An Investigation into the Characteristics of the Superconducting Phases in Heavily P-doped Germanium

Realization of superconductivity in group IV semiconductors is anticipated to be a key in the scalability of the qubit devices. Such materials are promising candidates for fault-tolerant hybrid semiconductor-superconductor quantum systems due to their high purity and ease of processing. In this study, superconducting Ge is realized via ion implantation of Ga, followed by activation annealing. For all annealing temperatures, transport measurements showed an abrupt normal-superconductor transition at 2.5–3.5 K, with residual resistances < 50 mΩ at 20 mK. Typical values for critical magnetic fields were about 0.6 to 0.8 T, corresponding to coherence lengths of 20 to 25 nm.

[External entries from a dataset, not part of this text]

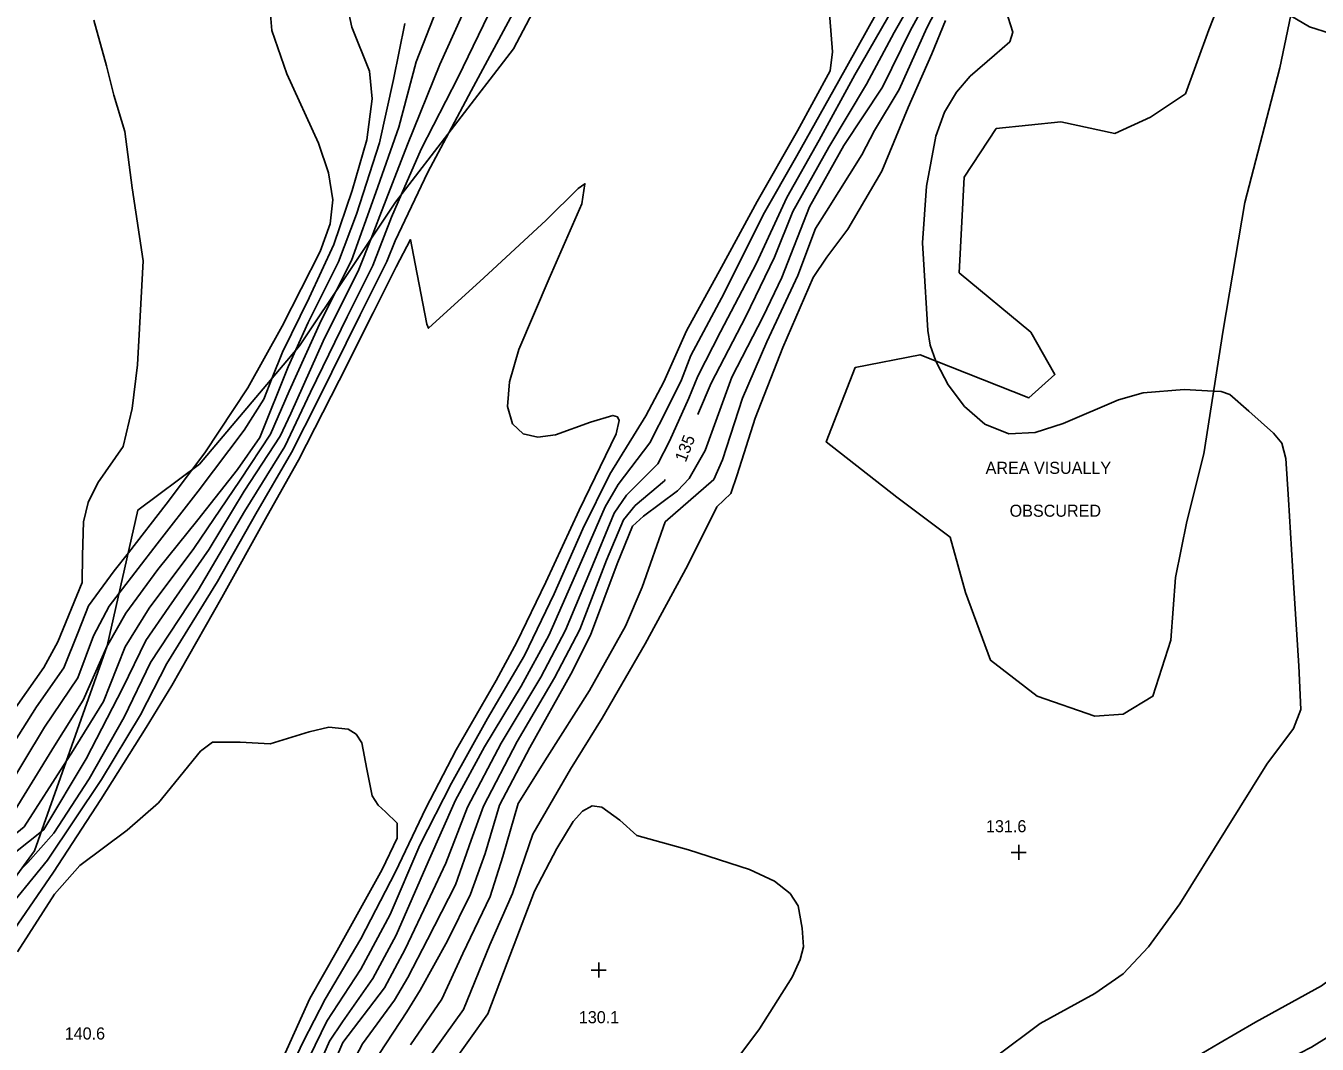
# Model space of a CAD drawing. Extents: x 1467615 to 2003689, y 770235 to 1108726.
# Drawn here: x 2002136.4 to 2002350.5, y 771017.7 to 771186.6 of the extents above; entities that cross this region are included whole.
import ezdxf

# ---------------------------------------------------------------- set-up
doc = ezdxf.new("R2010")
doc.units = 0
for name, color, linetype in [('RD_DTM_Major1', 7, 'Continuous'), ('RD_DTM_Major1_Lbl', 7, 'Continuous'), ('RD_DTM_Major2', 7, 'Continuous'), ('RD_DTM_Minor1', 7, 'Continuous'), ('RD_DTM_Minor2', 7, 'Continuous'), ('RD_DTM_Obscure', 7, 'Continuous'), ('RD_DTM_Spot_Elev', 7, 'Continuous'), ('RD_TX_Misc1', 7, 'Continuous')]:
    doc.layers.add(name, color=color, linetype=linetype)

msp = doc.modelspace()

# ---------------------------------------------------------------- linework, layer by layer
at = {"layer": 'RD_DTM_Major1'}
for points in [[(2002247.87, 771122.14), (2002247.97, 771122.38), (2002250.07, 771127.32), (2002255.82, 771138.4), (2002260.57, 771148.19), (2002263.62, 771155.77), (2002269.56, 771166.44), (2002275.82, 771176.87), (2002280.38, 771185.46), (2002286.53, 771196.24), (2002293, 771208.43), (2002297.86, 771216.63), (2002302.88, 771224.43), (2002308.03, 771231.08), (2002315.38, 771241.58), (2002318.55, 771246.47), (2002323.15, 771254.74), (2002330.92, 771262.48), (2002334.58, 771265.97), (2002336.61, 771268.06), (2002337.5, 771269.94), (2002338.11, 771271.89), (2002339.11, 771272.06), (2002344.06, 771272.22)], [(2002187.86, 771142.62), (2002185.39, 771137.7), (2002180.1, 771126.01), (2002177.01, 771118.89), (2002171.98, 771111.26), (2002164.27, 771099.92), (2002156.85, 771090.01), (2002152.89, 771083.6), (2002150.34, 771077.22), (2002149.27, 771074.58), (2002144, 771066), (2002143.16, 771064.7)], [(2002158.93, 770952.97), (2002161.96, 770960.03), (2002164.53, 770964.16), (2002170.64, 770971.26), (2002174.19, 770980.5), (2002177.29, 770987.25), (2002183.77, 770996.78), (2002186.54, 771001.38), (2002189.58, 771012.75), (2002192.22, 771017.78), (2002197.56, 771025.02), (2002199.73, 771028.81), (2002203.02, 771035.11), (2002207.68, 771044.17), (2002210.25, 771051.55), (2002212.3, 771057.18), (2002217.91, 771067.91), (2002224.06, 771078.47), (2002228.26, 771086.51), (2002232.7, 771098), (2002235.49, 771104.66), (2002237.44, 771107.03), (2002242.29, 771111.13), (2002242.45, 771111.37)], [(2002178.44, 771014.07), (2002183.53, 771025.31), (2002188.05, 771033.28), (2002195.51, 771046.69), (2002197.97, 771051.9), (2002198, 771054.37), (2002196.06, 771056.28), (2002194.84, 771057.39), (2002193.84, 771058.91), (2002192.95, 771063.34), (2002192.13, 771067.71), (2002191.19, 771069.12), (2002189.89, 771069.96), (2002186.68, 771070.29), (2002183.39, 771069.51), (2002176.95, 771067.53), (2002171.96, 771067.83), (2002167.35, 771067.8), (2002165.37, 771066.3), (2002158.39, 771057.77), (2002153.24, 771053.23), (2002145.35, 771047.35), (2002141.19, 771042.6), (2002135.05, 771033.08)]]:
    msp.add_lwpolyline(points, dxfattribs=at)
at = {"layer": 'RD_DTM_Major2'}
for points in [[(2002204.55, 771189.34), (2002201.14, 771180.62), (2002198.27, 771169.77), (2002194.43, 771158.93), (2002190.39, 771147.68), (2002187.86, 771142.62)], [(2002143.16, 771064.7), (2002136.14, 771053.79), (2002126.52, 771045.96), (2002125.07, 771044.03), (2002123.4, 771038.62), (2002119.48, 771027.09)]]:
    msp.add_lwpolyline(points, dxfattribs=at)
at = {"layer": 'RD_DTM_Minor1'}
for points in [[(2002186.72, 771012.79), (2002188.99, 771018.05), (2002195.9, 771027.08), (2002199.29, 771033.49), (2002203.48, 771042.21), (2002206.08, 771047.78), (2002209.66, 771057.03), (2002215.21, 771067.62), (2002221.8, 771078.61), (2002225.91, 771086.4), (2002230.02, 771096.29), (2002233.99, 771105.75), (2002236.04, 771108.77), (2002241.23, 771113.96), (2002243.16, 771117.72), (2002246.33, 771124.83), (2002247.87, 771128.49), (2002251.59, 771135.83), (2002257.58, 771147.22), (2002262.59, 771158.13), (2002267.97, 771167.61), (2002273.85, 771178.44), (2002278.29, 771186.11), (2002285.45, 771198.53)], [(2002192.72, 771012.64), (2002199.59, 771023.09), (2002201.8, 771026.68), (2002206.35, 771034.87), (2002210.16, 771042.62), (2002212.58, 771049.36), (2002214.94, 771057.34), (2002219.98, 771066.91), (2002226.79, 771079.11), (2002230.07, 771085.53), (2002234.47, 771097.4), (2002237, 771103.6), (2002238.84, 771105.3), (2002244.49, 771109.5), (2002246.38, 771111.51), (2002249.04, 771116.18), (2002253.46, 771128.3), (2002258.65, 771138.39), (2002261.76, 771144.85), (2002266.35, 771156.55), (2002272.04, 771166.71), (2002278.48, 771176.37), (2002283.09, 771185.84), (2002289.41, 771197.29)], [(2002200.21, 771017.62), (2002205.37, 771025.22), (2002208.9, 771032.79), (2002213.39, 771042.2), (2002215.52, 771048.85), (2002218.04, 771057.65), (2002222.88, 771065.35), (2002229.87, 771076.38), (2002235.85, 771087.02), (2002238.61, 771093.52), (2002242.41, 771104.33), (2002250.47, 771111.36), (2002251.92, 771114.6), (2002255.24, 771124.81), (2002259.28, 771134.15), (2002264.41, 771145.17), (2002267.34, 771152.97), (2002269.2, 771155.81), (2002275.02, 771165.18), (2002277.14, 771169.21), (2002281.23, 771176.02), (2002285.79, 771186.22), (2002290.72, 771195.75)], [(2002183.44, 771015.67), (2002186.33, 771021.54), (2002191.98, 771030.2), (2002196.82, 771039.22), (2002201.74, 771050.72), (2002206.97, 771061.01), (2002212.96, 771071.73), (2002219.1, 771082.17), (2002224.04, 771092.39), (2002228.77, 771103.16), (2002233.24, 771112.23), (2002239.23, 771121.9), (2002242.18, 771127.55), (2002245.97, 771135.98), (2002251.74, 771146.53), (2002257.7, 771157.42), (2002264.37, 771169.14), (2002269.76, 771179.11), (2002270.19, 771182.25), (2002269.37, 771192.84)], [(2002298.51, 771190.4), (2002300.1, 771185.49), (2002299.57, 771183.92), (2002297.06, 771181.72), (2002292.98, 771178.2), (2002290.73, 771175.56), (2002288.76, 771172.25), (2002287.32, 771168.28), (2002285.75, 771159.99), (2002285.07, 771150.6), (2002285.28, 771147.9), (2002285.96, 771136.03), (2002286.39, 771133.64), (2002287.32, 771130.99)], [(2002182.71, 771009), (2002186.77, 771018.22), (2002188.9, 771021.44), (2002193.94, 771028.64), (2002197.8, 771035.84), (2002203.12, 771047.99), (2002207.68, 771058.22), (2002212.45, 771067.04), (2002218.55, 771077.11), (2002223.11, 771085.49), (2002228.58, 771097.83), (2002232.49, 771106.84), (2002234.64, 771110.5), (2002239.9, 771117.46), (2002242.9, 771123.39), (2002245.14, 771127.87), (2002246.67, 771131.92), (2002252.23, 771142.26), (2002258.69, 771155.21), (2002264.27, 771165.02), (2002271.21, 771177.42), (2002277.37, 771188.42)], [(2002202.53, 771014.51), (2002208.97, 771023.49), (2002213.38, 771034.2), (2002217.1, 771042.73), (2002220.47, 771052.55), (2002226.74, 771063.35), (2002231.97, 771071.78), (2002239.11, 771084.11), (2002246.21, 771097.17), (2002251.01, 771106.8), (2002253.29, 771109.06), (2002254.37, 771112.11), (2002257.35, 771121.52), (2002261.92, 771133.24), (2002266.98, 771144.86), (2002269.23, 771148.21), (2002272.7, 771152.86), (2002278.37, 771162.47), (2002282.73, 771173), (2002286.66, 771181.93), (2002288.91, 771187.42)], [(2002346.15, 771188.23), (2002349.24, 771186.4), (2002352.73, 771185.28), (2002358.73, 771185.06), (2002371.37, 771186.57), (2002373.65, 771186.36), (2002375.57, 771185.44), (2002378.41, 771182.8), (2002380.99, 771179.47), (2002382.07, 771175.83), (2002382.31, 771170.22), (2002382.31, 771170.08)], [(2002206.56, 771168.85), (2002203.07, 771162.32), (2002197.66, 771150.94), (2002196.26, 771147.47), (2002191.85, 771138.66), (2002184.83, 771124.45), (2002180.49, 771115.82), (2002174.57, 771105.67), (2002168.19, 771094.46), (2002159.78, 771080.85), (2002155.43, 771072.36), (2002148.94, 771061.63), (2002140, 771048.24), (2002131.96, 771038.4)], [(2002177.14, 771007.01), (2002182.4, 771018.13), (2002186.06, 771025.18), (2002191.96, 771035.19), (2002197.72, 771046.29), (2002202.73, 771056.88), (2002207.77, 771066.54), (2002214.43, 771078.06), (2002217.85, 771084.4), (2002222.63, 771094.35), (2002228.19, 771106.28), (2002234.31, 771118.9), (2002234.78, 771121.16), (2002234.5, 771121.75), (2002233.73, 771121.99), (2002230.02, 771120.86), (2002224.22, 771118.75), (2002221.34, 771118.36), (2002218.89, 771118.92), (2002217.12, 771120.58), (2002216.28, 771123.43), (2002216.59, 771127.56), (2002218.16, 771132.92), (2002223.18, 771144.65), (2002228.6, 771157.03), (2002229.13, 771160.37), (2002228.01, 771159.62), (2002222.7, 771154.36), (2002212.36, 771144.79), (2002203.16, 771136.44), (2002202.9, 771137.11), (2002200.99, 771147.11), (2002200.19, 771151.13), (2002197.8, 771146.6), (2002194, 771138.98), (2002188.39, 771127.74), (2002181.64, 771114.56), (2002176.45, 771105.31), (2002168.89, 771091.79), (2002160.63, 771077.19), (2002156.35, 771070.22), (2002148.84, 771058.28), (2002141.01, 771046.26), (2002132.43, 771033.79)], [(2002198.73, 771158.65), (2002197.06, 771154.83), (2002193.96, 771146.82), (2002189.69, 771138.34), (2002183.6, 771125.85), (2002179.35, 771116.83), (2002172.68, 771106.03), (2002164.98, 771093.02), (2002157.07, 771081), (2002152.7, 771071.94), (2002146.91, 771061.74), (2002141.06, 771052.75), (2002136.76, 771047.89), (2002135.68, 771046.8)], [(2002193.65, 771151.28), (2002191.66, 771146.16), (2002185.71, 771134.31), (2002180.33, 771122.3), (2002178.6, 771118.55), (2002172.64, 771109.4), (2002166.79, 771099.81), (2002160.13, 771090.18), (2002156.3, 771084.64), (2002152.48, 771076.83), (2002146.41, 771065.03), (2002139.41, 771053.33), (2002139.02, 771053.01)], [(2002181.19, 771132.84), (2002179.92, 771130.03), (2002175.22, 771118.33), (2002171.51, 771113.02), (2002164.93, 771104.67), (2002158.32, 771096.44), (2002152.99, 771089.2), (2002150.01, 771083.94), (2002149.93, 771083.77)], [(2002177.28, 771128.21), (2002175.86, 771124.67), (2002172.62, 771119.54), (2002164.99, 771109.42), (2002158.17, 771100.68), (2002151.91, 771092.53)], [(2002333.37, 771126.02), (2002334.61, 771125.95), (2002336.03, 771125.43), (2002339.19, 771122.7), (2002343.28, 771119.05), (2002344.67, 771117.38), (2002345.36, 771114.85), (2002345.77, 771108.02), (2002346.62, 771094.24), (2002347.47, 771080.46), (2002347.82, 771073.23), (2002346.62, 771070.05), (2002342.18, 771064.17), (2002335.36, 771053.18), (2002327.75, 771040.99), (2002322.59, 771033.86), (2002318.38, 771029.39), (2002313.68, 771026.12), (2002304.63, 771021.18), (2002297.38, 771015.78)], [(2002388.51, 771115.68), (2002390.27, 771107.93), (2002393.12, 771098.76), (2002396.2, 771092.03), (2002399.64, 771086.51), (2002402.86, 771082.85), (2002404.25, 771080.35), (2002404.25, 771077.56), (2002403.97, 771074.22), (2002402.66, 771072.4), (2002400.04, 771069.59), (2002389.75, 771061.83), (2002377.56, 771052.89), (2002372.08, 771048.25), (2002368.36, 771043.97), (2002363.21, 771037.19), (2002358.02, 771032.38), (2002351.23, 771027.39), (2002340.31, 771021.4), (2002334.23, 771017.87), (2002324.82, 771012.31), (2002317.66, 771007.73)], [(2002164.06, 771113.05), (2002159.71, 771107.24), (2002153.42, 771099.22)], [(2002213.01, 771022.79), (2002216.25, 771031.22), (2002220.78, 771043.13), (2002224.44, 771050.21), (2002227.19, 771054.65), (2002228.72, 771056.35), (2002230.32, 771057.23), (2002231.95, 771057.06), (2002234.89, 771054.88), (2002237.74, 771052.35), (2002246.32, 771049.97), (2002256.41, 771046.72), (2002260.55, 771044.77), (2002263.15, 771042.72), (2002264.47, 771040.67), (2002265.15, 771036.99), (2002265.34, 771033.87), (2002264.82, 771031.8), (2002263.47, 771028.87), (2002258.04, 771020.3), (2002252, 771012.18)], [(2002362.2, 771025.11), (2002349.57, 771017.23), (2002339.92, 771012.27), (2002333.46, 771009.74), (2002330.4, 771008.7), (2002323.66, 771005.57), (2002318.28, 771001.91)], [(2002206.71, 771013.94), (2002213.01, 771022.79)]]:
    msp.add_lwpolyline(points, dxfattribs=at)
at = {"layer": 'RD_DTM_Minor2'}
for points in [[(2002313.78, 771333.52), (2002307.9, 771328.09), (2002301.52, 771321.41), (2002294.72, 771313.39), (2002284.25, 771301.3), (2002275.23, 771291.54), (2002269.34, 771283.9), (2002266.14, 771278.6), (2002261.86, 771268.53), (2002257.94, 771262.3), (2002250.83, 771253.06), (2002241.72, 771242.24), (2002233.85, 771233.78), (2002229.88, 771228.1), (2002222.77, 771215.81), (2002215.91, 771202.9), (2002211.17, 771193.64), (2002205.08, 771180.17), (2002199.69, 771166.89), (2002195.13, 771155.06), (2002193.65, 771151.28)], [(2002244.45, 771239.43), (2002241.07, 771235.53), (2002237.45, 771231.16), (2002232.84, 771223.55), (2002225.52, 771211.4), (2002218.44, 771199.62), (2002213.98, 771190.17), (2002208.1, 771178.05), (2002201.97, 771166.09), (2002198.73, 771158.65)], [(2002236.14, 771220.58), (2002236, 771220.37), (2002227.36, 771207.4), (2002223.07, 771200.33), (2002217.53, 771189.32), (2002210.27, 771175.78), (2002206.56, 771168.85)], [(2002176.85, 771189.74), (2002177.2, 771185.78), (2002179.72, 771178.61), (2002184.95, 771167.12), (2002186.6, 771162.18), (2002187.32, 771157.74), (2002186.9, 771153.73), (2002185.21, 771149.14), (2002178.94, 771136.77), (2002173.2, 771126.55), (2002166.11, 771115.8), (2002164.06, 771113.05)], [(2002189.78, 771189.64), (2002190.46, 771186.33), (2002193.4, 771179.06), (2002193.87, 771174.46), (2002192.96, 771167.66), (2002190.53, 771159.29), (2002187.5, 771150.29), (2002183.37, 771141.46), (2002178.97, 771132.45), (2002177.28, 771128.21)], [(2002147.69, 771187.48), (2002149.8, 771179.93), (2002151.01, 771175.09), (2002152.83, 771169.05), (2002154.04, 771159.68), (2002155.85, 771147.59), (2002155.24, 771136.4), (2002154.94, 771130.36), (2002154.04, 771123.11), (2002152.55, 771116.8), (2002148.33, 771110.79), (2002146.78, 771107.54), (2002145.97, 771104.36), (2002145.81, 771098.78), (2002145.74, 771094.27), (2002141.73, 771084.45), (2002139.41, 771080.2), (2002132.2, 771069.96), (2002126.68, 771060.62), (2002119.79, 771050.25), (2002116.89, 771044.1), (2002113.47, 771033.61), (2002109.26, 771023.92), (2002107.11, 771020.03)], [(2002199.24, 771186.94), (2002197.39, 771177.64), (2002195.08, 771167.15), (2002191.26, 771155.33), (2002188.28, 771147.42), (2002183.24, 771137.38), (2002181.19, 771132.84)], [(2002287.32, 771130.99), (2002287.45, 771130.63), (2002289.37, 771127.06), (2002292.07, 771123.46), (2002295.45, 771120.53), (2002299.41, 771118.94), (2002303.8, 771119.14), (2002308.43, 771120.63), (2002317.57, 771124.56), (2002321.68, 771125.71), (2002328.46, 771126.3), (2002333.37, 771126.02)], [(2002153.42, 771099.22), (2002151.08, 771096.24), (2002146.82, 771090.43), (2002145.11, 771086.02), (2002142.71, 771080.11), (2002138.18, 771073.68), (2002133.66, 771066.5), (2002126.94, 771055.66), (2002120.68, 771047.93), (2002118.58, 771043.03), (2002115.37, 771033.07), (2002110.82, 771022), (2002110.23, 771020.92)], [(2002151.91, 771092.53), (2002150.23, 771090.34), (2002147.66, 771085.42), (2002145.04, 771078.48), (2002139.54, 771070.32), (2002132.83, 771059.21), (2002130.01, 771055.04), (2002121.87, 771046.13), (2002120.42, 771042.36), (2002116.94, 771031.63), (2002113.47, 771023.08)], [(2002149.93, 771083.77), (2002145.92, 771074.79), (2002141.17, 771067.19), (2002133.78, 771055.17), (2002130.7, 771052.32), (2002124.53, 771046.87), (2002123.14, 771044.35), (2002121.33, 771038.54), (2002117.83, 771028.28), (2002116.45, 771025.07)], [(2002139.02, 771053.01), (2002130.88, 771046.58), (2002127.06, 771043.15), (2002126.04, 771040.53), (2002122.57, 771029.48), (2002122.39, 771029.03)]]:
    msp.add_lwpolyline(points, dxfattribs=at)
at = {"layer": 'RD_DTM_Obscure'}
for points in [[(2002122.96, 771029.4), (2002137.88, 771049.81), (2002149.93, 771083.76), (2002155.01, 771106.28), (2002165.19, 771113.9), (2002181.77, 771133.53), (2002197.7, 771157.31), (2002217.27, 771182.77), (2002230.57, 771207.93)], [(2002291.18, 771145.62), (2002291.99, 771161.47), (2002297.32, 771169.52), (2002308.02, 771170.67), (2002317, 771168.72), (2002322.9, 771171.41), (2002328.7, 771175.3), (2002332.55, 771185.91), (2002337.54, 771198.59)], [(2002346.96, 771192.08), (2002344.35, 771179.61), (2002338.53, 771157.25), (2002334.96, 771136.09), (2002331.73, 771115.59), (2002328.92, 771104.4), (2002327.03, 771095.11), (2002326.25, 771084.74), (2002323.28, 771075.43), (2002318.34, 771072.46), (2002313.69, 771072.12), (2002304.1, 771075.41), (2002296.39, 771081.4), (2002292.23, 771092.63), (2002289.68, 771101.77), (2002280.84, 771108.44), (2002269.14, 771117.58), (2002273.91, 771129.91), (2002284.69, 771132.04), (2002302.73, 771124.87), (2002307.06, 771128.77), (2002303.06, 771135.76), (2002291.18, 771145.62)]]:
    msp.add_lwpolyline(points, dxfattribs=at)
at = {"layer": 'RD_DTM_Spot_Elev'}
for p, q in [((2002299.8, 771049.53), (2002302.3, 771049.53)), ((2002301.05, 771048.28), (2002301.05, 771050.78)), ((2002231.4, 771028.79), (2002231.4, 771031.29)), ((2002230.15, 771030.04), (2002232.65, 771030.04))]:
    msp.add_line(p, q, dxfattribs=at)

# ---------------------------------------------------------------- texts
at = {"layer": 'RD_DTM_Major1_Lbl'}
msp.add_text('135', height=2, rotation=68.8623, dxfattribs=at).set_placement((2002245.83, 771114.09))
at = {"layer": 'RD_DTM_Spot_Elev'}
for s, p in [('131.6', (2002295.62, 771052.88)), ('130.1', (2002228.11, 771021.22)), ('140.6', (2002142.86, 771018.52))]:
    msp.add_text(s, height=2, dxfattribs=at).set_placement(p)
at = {"layer": 'RD_TX_Misc1'}
for s, p in [('AREA VISUALLY', (2002295.56, 771112.29)), ('OBSCURED', (2002299.54, 771105.18))]:
    msp.add_text(s, height=2, dxfattribs=at).set_placement(p)

doc.saveas('drawing.dxf')

Microscopy measurements revealed the presence of a 20nm thick polycrystalline Ga-rich Ge layer near the top surface. To localize the superconducting region, implantation energy was reduced. The resulting superconducting layer showed no grain structure in micrometer scale, but Raman measurements confirmed its nanocrystalline nature. By reducing the implantation energy and the annealing temperatures, coherence length only decreased to ~18 nm. To further characterize the superconducting Ge films, strategies for their integration into all-Ge Josephson junctions and transistors will be discussed.